前回は法人化することによる財産の分散化、経費としての損金計上のやり方、役員の処遇などについて説明しました。今回は、高額所得のサラリーマンが所得税を軽減するための法人の使い方について解説します。

法人は「所得税」を軽減する方法としても使える

法人設立のメリットは、財産の分散や経費計上だけではありません。例えば、サラリーマンで年収が2000万円を超えてしまうような人は、収益不動産を所有する場合に、所得税を軽減する方法として法人を使うことも可能です。

 

仮に、所得税率が23%という人がいるとしましょう。こういう人は、住民税が10%加算されて33%になります。給与所得控除がありますが、控除後の所得に33%もの高い税率が適用されてくるわけです。

 

現在、法人の実効税率は約38%ですが、プライベートカンパニーのような中小企業の場合は平均的に考えて20%台が普通です。住民税が加算されて33%に達してしまうような人は、法人を設立してプライベートカンパニーを活用したほうが、収益不動産を所有する場合には節税効果があるはずです。

 

具体的には、おそらく年収600万円の人でも、ほかに事業所得があって青色申告特別控除を使いきっている人なら、法人に許される必要経費の幅が広いことを考えると得になるのではないでしょうか。

節税目的で利回りの低い物件を購入するのは本末転倒

これまでよく使われた収益不動産の節税方法というのは、サラリーマンが不動産の収益物件を購入して不動産所得を赤字にすることで、高い税率の給与所得から「損益通算」して所得税の還付を受ける方法でした。ところが、現在の法律では「不動産所得の赤字のうち、土地にかかる利息の部分は給与との損益通算ができない」ことになっています。

 

不動産所得の赤字のうち土地にかかる利息部分が給与と相殺できない、ということは、節税になるのは、不動産所得が経費の割合において少ない物件(利回りが低い物件)ということになり、少なくともサラリーマンのような給与所得者が使ったとしても、あまりメリットのない節税方法といってよいのかもしれません。ただ節税したいがために利回りの低い物件を購入するのは、本末転倒です。もちろん、プライベートカンパニーのような法人の場合には、土地の金利も損金として扱われます。

 

そう考えると、法人を設立して、専業主婦の奥さんを法人の社長などにする方法が一番理想的といってよいでしょう。とはいえ、奥さんの健康保険や年金納付といった社会保険費用などコストの問題もあります。

 

税理士の費用や報酬費用など法人のランニングコストもかかるために、損益に対するシミュレーションはきちんとしておくに越したことはありません。

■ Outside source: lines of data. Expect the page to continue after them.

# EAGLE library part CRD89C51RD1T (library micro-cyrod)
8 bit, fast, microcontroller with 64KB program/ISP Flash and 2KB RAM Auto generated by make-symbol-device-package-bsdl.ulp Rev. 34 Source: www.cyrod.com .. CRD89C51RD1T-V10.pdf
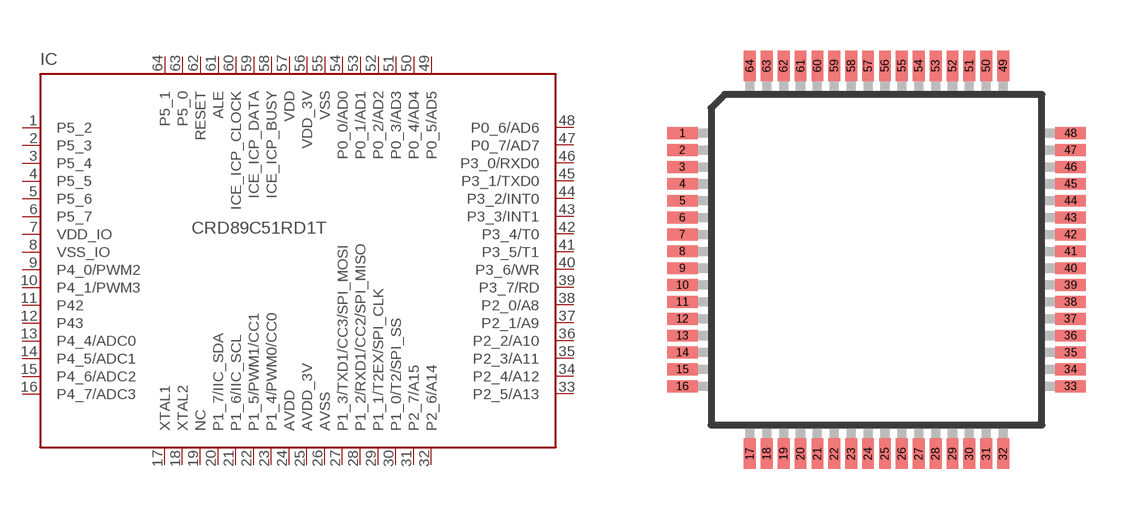
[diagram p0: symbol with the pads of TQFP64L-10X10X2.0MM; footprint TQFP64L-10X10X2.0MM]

Designator prefix IC

## CRD89C51RD1T (OC_FARNELL: unknown; OC_NEWARK: unknown)  [TQFP64L-10X10X2.0MM]
1  P5_2
2  P5_3
3  P5_4
4  P5_5
5  P5_6
6  P5_7
7  VDD_IO  pwr
8  VSS_IO  pwr
9  P4_0/PWM2
10  P4_1/PWM3
11  P42
12  P43
13  P4_4/ADC0
14  P4_5/ADC1
15  P4_6/ADC2
16  P4_7/ADC3
17  XTAL1  in
18  XTAL2  out
19  NC  nc
20  P1_7/IIC_SDA
21  P1_6/IIC_SCL
22  P1_5/PWM1/CC1
23  P1_4/PWM0/CC0
24  AVDD  pwr
25  AVDD_3V  pwr
26  AVSS  pwr
27  P1_3/TXD1/CC3/SPI_MOSI
28  P1_2/RXD1/CC2/SPI_MISO
29  P1_1/T2EX/SPI_CLK
30  P1_0/T2/SPI_SS
31  P2_7/A15
32  P2_6/A14
33  P2_5/A13
34  P2_4/A12
35  P2_3/A11
36  P2_2/A10
37  P2_1/A9
38  P2_0/A8
39  P3_7/RD
40  P3_6/WR
41  P3_5/T1
42  P3_4/T0
43  P3_3/INT1
44  P3_2/INT0
45  P3_1/TXD0
46  P3_0/RXD0
47  P0_7/AD7
48  P0_6/AD6
49  P0_5/AD5
50  P0_4/AD4
51  P0_3/AD3
52  P0_2/AD2
53  P0_1/AD1
54  P0_0/AD0
55  VSS  pwr
56  VDD_3V  pwr
57  VDD  pwr
58  ICE_ICP_BUSY  out
59  ICE_ICP_DATA
60  ICE_ICP_CLOCK
61  ALE  out
62  RESET  in
63  P5_0
64  P5_1

## Footprint TQFP64L-10X10X2.0MM (pad centres in mm)
TQFP 64L-10X10X2.0 MM Auto generated by make-symbol-device-package-bsdl.ulp Rev. 34 Source: www.cyrod.com .. CRD89C51RD1T-V10.pdf
smd 0.9 x 0.35: 1 -5.75,3.75; 2 -5.75,3.25; 3 -5.75,2.75; 4 -5.75,2.25; 5 -5.75,1.75; 6 -5.75,1.25; 7 -5.75,0.75; 8 -5.75,0.25; 9 -5.75,-0.25; 10 -5.75,-0.75; 11 -5.75,-1.25; 12 -5.75,-1.75; 13 -5.75,-2.25; 14 -5.75,-2.75; 15 -5.75,-3.25; 16 -5.75,-3.75; 33 5.75,-3.75; 34 5.75,-3.25; 35 5.75,-2.75; 36 5.75,-2.25; 37 5.75,-1.75; 38 5.75,-1.25; 39 5.75,-0.75; 40 5.75,-0.25; 41 5.75,0.25; 42 5.75,0.75; 43 5.75,1.25; 44 5.75,1.75; 45 5.75,2.25; 46 5.75,2.75; 47 5.75,3.25; 48 5.75,3.75
smd 0.35 x 0.9: 17 -3.75,-5.75; 18 -3.25,-5.75; 19 -2.75,-5.75; 20 -2.25,-5.75; 21 -1.75,-5.75; 22 -1.25,-5.75; 23 -0.75,-5.75; 24 -0.25,-5.75; 25 0.25,-5.75; 26 0.75,-5.75; 27 1.25,-5.75; 28 1.75,-5.75; 29 2.25,-5.75; 30 2.75,-5.75; 31 3.25,-5.75; 32 3.75,-5.75; 49 3.75,5.75; 50 3.25,5.75; 51 2.75,5.75; 52 2.25,5.75; 53 1.75,5.75; 54 1.25,5.75; 55 0.75,5.75; 56 0.25,5.75; 57 -0.25,5.75; 58 -0.75,5.75; 59 -1.25,5.75; 60 -1.75,5.75; 61 -2.25,5.75; 62 -2.75,5.75; 63 -3.25,5.75; 64 -3.75,5.75

本連載は、2013年8月2日刊行の書籍『相続税は不動産投資と法人化で減らす』から抜粋したものです。その後の税制改正等、最新の内容には対応していない可能性もございますので、あらかじめご了承ください。

相続税は不動産投資と法人化で減らす

相続税は不動産投資と法人化で減らす

成田 仁,富田 隆史

幻冬舎メディアコンサルティング

従来より相続税対策として考えられてきた、アパートや小規模ビルなどの建設。しかし、それこそがリスクをもたらしているかもしれないとした…。 本書は、持て余している土地を収益性の良い賃貸物件に買い替える不動産投資の最…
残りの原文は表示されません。